John French, Susan Abraham in John Cavanagh lace evening dress, spring 1957

Photo John French, model Susan Abraham in John Cavanagh lace evening dress, 1957

The combination of black and white in fashion has always attracted  attention. What I find interesting is the timeless appeal of the two opposites, whichever way you combine black and white in clothing, it is always to a striking effect. Spring is in the air and  B & W is the hot trend in fashion right now. So Fashionarchaeology.com wishes to welcome the new season with a post to  celebrate the ultimate colour combination.

A.Durer,autoritratto a 26 anni,1498,prado

Durer, self-portrait age 26, 1498, Prado museum Madrid, Spain

Men’s fashions have not been immune to the lure of the black/white combination. We find examples from Renaissance Italy, but it is the German artist Durer who wears it in the most compelling way at the end of the 1400s. Durer was an extraordinary character. His self-portraits  (which he executed at regular intervals throughout his life) were always intense and challenging, and I imagine his choice of clothing or ‘look’ for each picture was carefully thought out. This white jacket with black trim and sleeve detail is certainly eye-catching, as is the floppy striped hat and the black and white plaited rope holding his cloak across his bare skinned chest. The outright sensuality of this outfit and the way it is worn remains  intriguing 600+ yeas on.

Fra Galgario, gentiluomo 1730c, brera

Fra Galgario, Italian gentleman, 1730c, Pinacoteca di Brera, Milan Italy

Less sensual but equally fascinating is the coat worn by this Italian gentleman from the first half of the 1700s.
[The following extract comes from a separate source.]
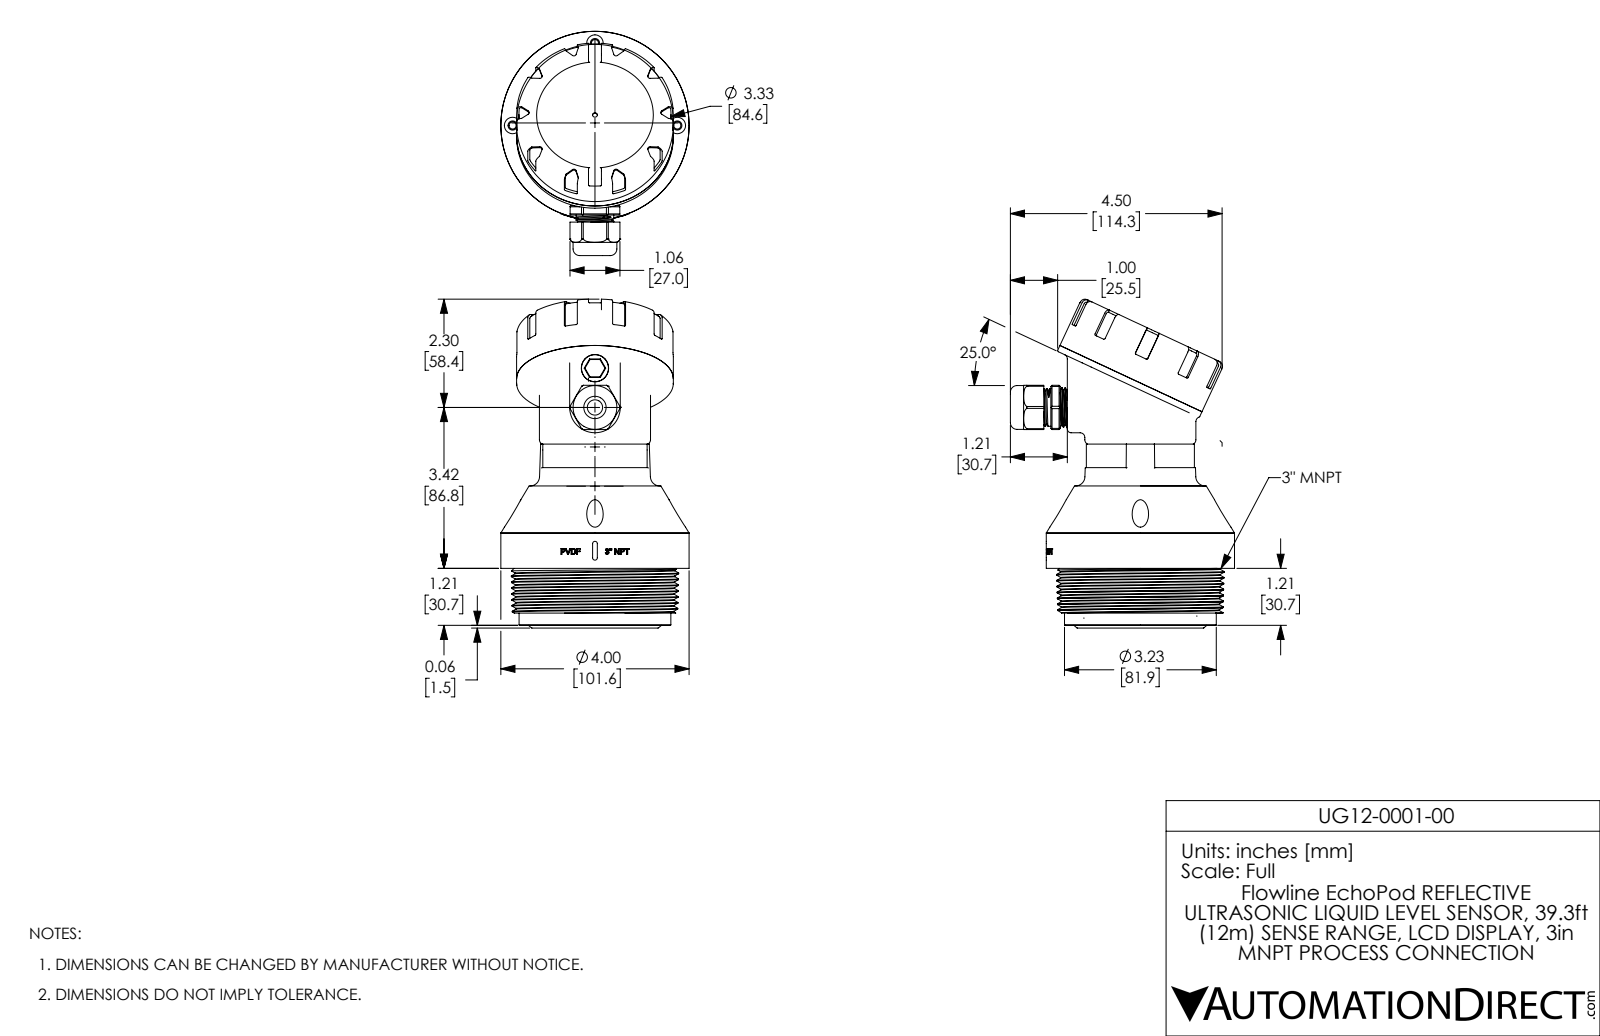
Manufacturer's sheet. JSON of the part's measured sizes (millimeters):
{"part_name": "UG12-0001-00", "step_written_by": "SolidWorks 2017 (AUTOMOTIVE_DESIGN)", "units": "millimeters", "bodies": {"solids": 9, "faces": 908, "planar": 335, "cylindrical": 230, "other": 343}, "overall_size": [177.4, 121, 101.6], "volume_mm3": 393500, "surface_area_mm2": 192500, "round_holes": [[3.8, 4], [8.9, 4], [5, 3], [2.5, 1], [5, 1], [5, 1], [8.3, 1], [12.1, 1], [13.2, 1], [20.3, 1], [21.6, 1], [23.7, 1]], "round_bosses_or_shafts": [[84.6, 2], [101.6, 1], [81.9, 1], [76.2, 1], [75.6, 1], [71.8, 1], [70.4, 1], [59.9, 1]], "partial_cylinders_radius": [[0.6, 22], [1.3, 16], [2.5, 5], [2, 2], [7.4, 1], [13.6, 1], [30.9, 1], [31.4, 1]], "face_to_face_distances": [24.1, 3.8, 2.5, 20.3, 43.2, 25.4, 19.1, 0.9, 39.4, 1.3], "hole_center_spacings": [44.5, 62.9, 88.9, 21.2]}

At a time when pastel colours – as dictated by French taste which was closely emulated in Italy – were the dominant trend for upper class gentlemen, this mat black coat with intricate, rich late baroque embroidery in silvery white is worthy of note.
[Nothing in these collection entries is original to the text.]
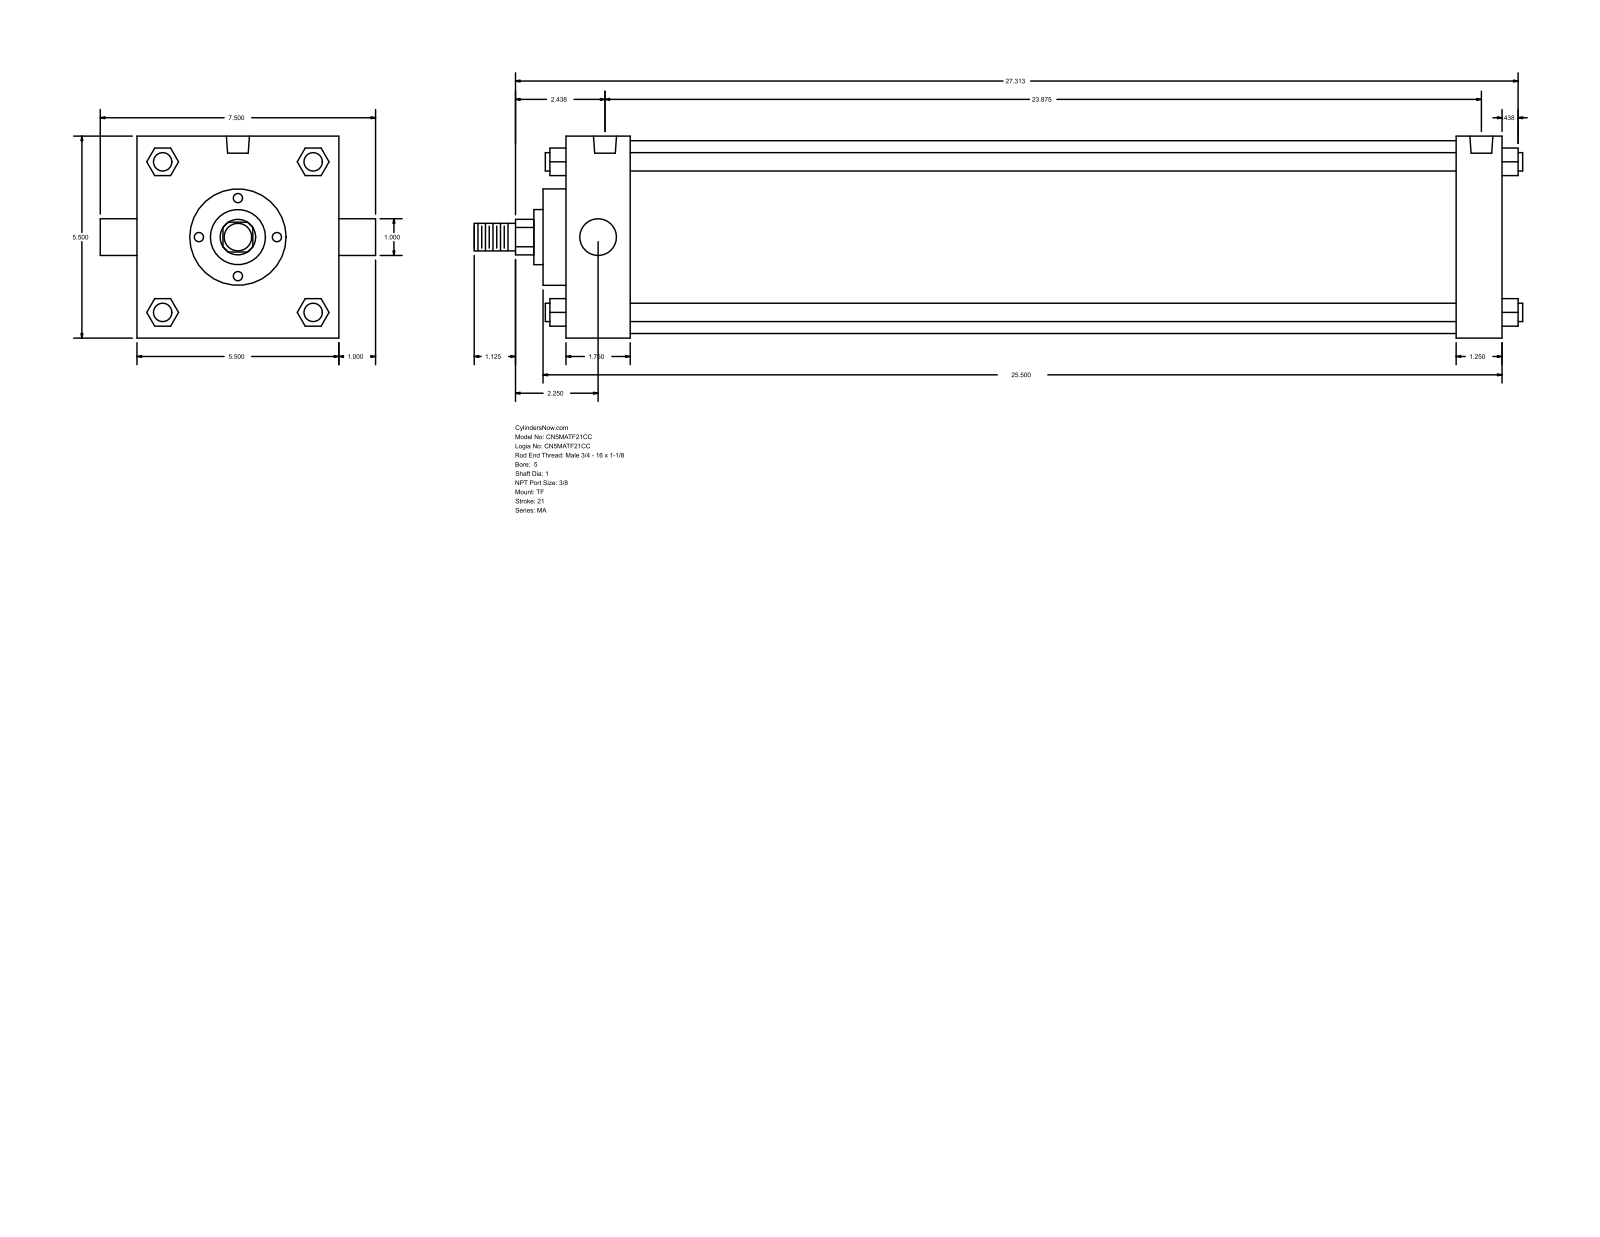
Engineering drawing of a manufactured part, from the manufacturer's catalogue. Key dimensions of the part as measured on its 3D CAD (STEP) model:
Part name (STEP PRODUCT): MA_TF__0500_1
STEP written by: GSSL Pune (CONFIG_CONTROL_DESIGN)
Units: millimetres
Bodies: 0 solids, 122 faces (93 planar, 29 cylindrical, 0 other)
Overall size (bounding box): 725.49 × 190.5 × 139.7
Round holes (diameter × count): ⌀11.11 ×3, ⌀15.93 ×2
Round bosses / shafts (diameter × count): ⌀12.7 ×4, ⌀25.4 ×2, ⌀133.35 ×1, ⌀66.67 ×1, ⌀38.1 ×1, ⌀19.05 ×1
Partial cylindrical surfaces — rounded edges, fillets, slot ends (radius × count): R12.29 ×1
Main face-to-face distances: 139.7, 647.7, 615.96, 31.74, 44.46, 571.5, 603.24, 15.87, 60.33, 631.83
Hole centre spacings: 4.76, 601.67, 596.91, 606.43

Goya, Pepito Costa y Bonells 1813 met

F.Goya, Papito Costa y Bonells, 1813, Metropolitan museum of art, New York  USA

Again a coat of black with silver embroidery for this very young Spanish gentleman. Flaunting the latest fashion for children, (the idea of putting children in adult clothing had been swept away by Jean Jacques Rousseau’s forward thinking philosophy some decades earlier) he wears a little jacket, the sombre black colour being set off by the white silk high-waisted trousers and the lace trimmed collar of his shirt.

The ultimate black and white combination for men came with the invention of the evening suit by George Brummel in London at the turn of the 19th century. The first official dandy (as decreed by Lord Byron) wanted English gentlemen to smarten up and wear different clothes at different times of day. He declared that black was the perfect colour for night, as long as always worn with freshly pressed white linen (shirt and cravat). White gloves and a black top hat completed the look.
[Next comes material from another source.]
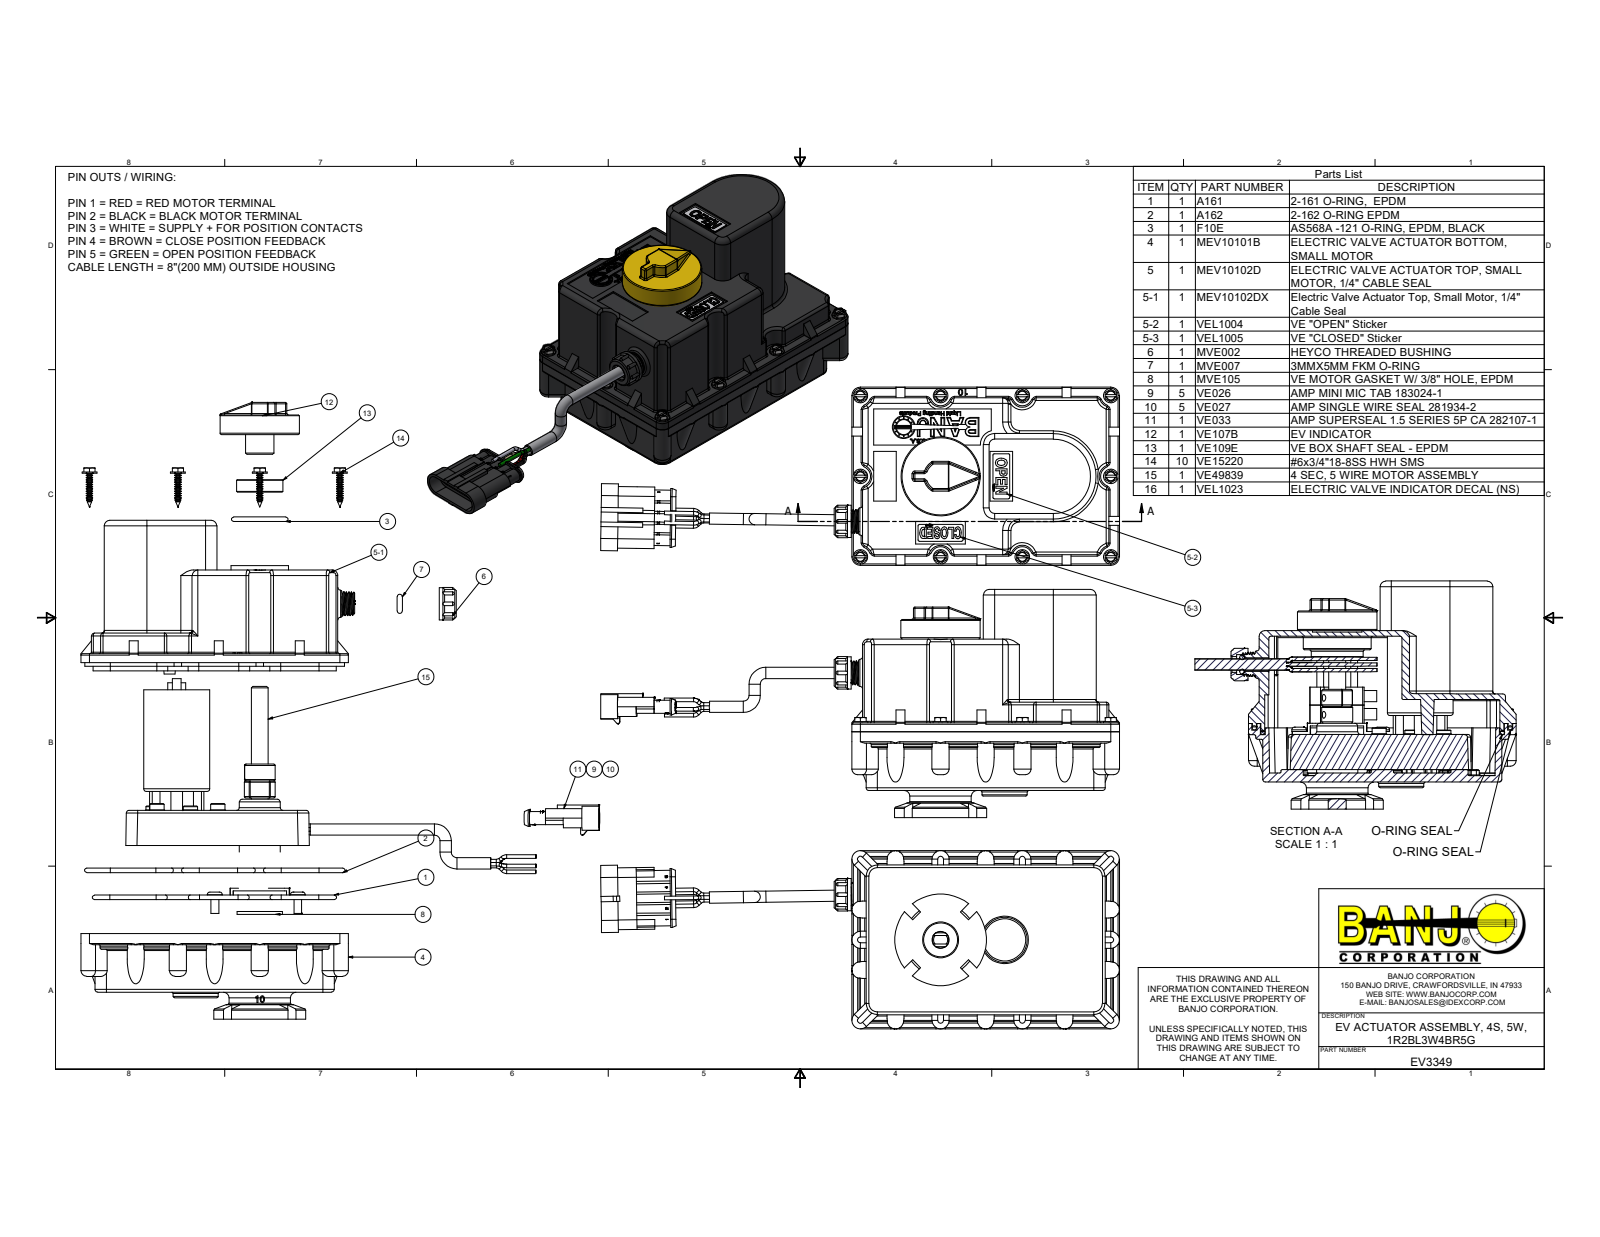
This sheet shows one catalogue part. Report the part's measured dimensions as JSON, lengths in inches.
{"part_name": "EV3349; MEV10101B; MEV10102D; MEV10102DX (+8 more)", "step_written_by": "Autodesk Inventor 2022 (AUTOMOTIVE_DESIGN)", "units": "inches", "bodies": {"solids": 48, "faces": 5033, "planar": 2232, "cylindrical": 1336, "other": 1465}, "overall_size": [11.5, 5.055, 3.95], "volume_in3": 34.92, "surface_area_in2": 398.4, "round_holes": [[0.16, 12], [0.11, 10], [0.2, 10], [0.12, 6], [0.15, 6], [0.176, 6], [0.055, 5], [0.217, 5], [0.1, 3], [0.13, 2], [0.3, 1], [0.34, 1]], "round_bosses_or_shafts": [[0.08, 19], [0.328, 10], [0.138, 10], [0.103, 8], [0.232, 5], [0.173, 5], [0.154, 5], [0.134, 5]], "partial_cylinders_radius": [[0.03, 121], [0.02, 63], [0.06, 47], [0.125, 24], [0.315, 24], [0.5, 24], [0.02, 21], [0.007, 20]], "face_to_face_distances": [0.125, 3.355, 0.2, 1.1, 1.025, 3.23, 1.3, 0.075, 0.78, 0.79], "hole_center_spacings": [1.68, 2.058, 1.684, 1.785, 2.376, 0.236, 0.492, 1.188]}

J.McNeill Whistler, Theodore Duret, 1883, Met

McNeil Whistler, Theodore Duret , 1883, Metropolitan museum of art, New York USA

Black and white clothing does have a less glamorous side to it too. Until recent times, the close members of the family of a deceased person (man, woman or child), would adopt mourning clothes for a period of time after the death of the loved one. The ancient Greeks did it, as did the Romans, continuing in Europe  throughout the past centuries. By the 1800s this tradition was so consolidated that etiquette books were written on the subject giving all the information necessary as to what colour should be worn, for how long etc. Fashion magazines always had pages dedicated to the topic and often included fashion plates representing mourning dress. This implies that it was acceptable to look ‘fashionable’ during the time of bereavement and there was no shame in dedicating time, care and money to looking nice at such a terrible time in one’s life. Today we would call this a form of ‘Fashion therapy’ I suppose.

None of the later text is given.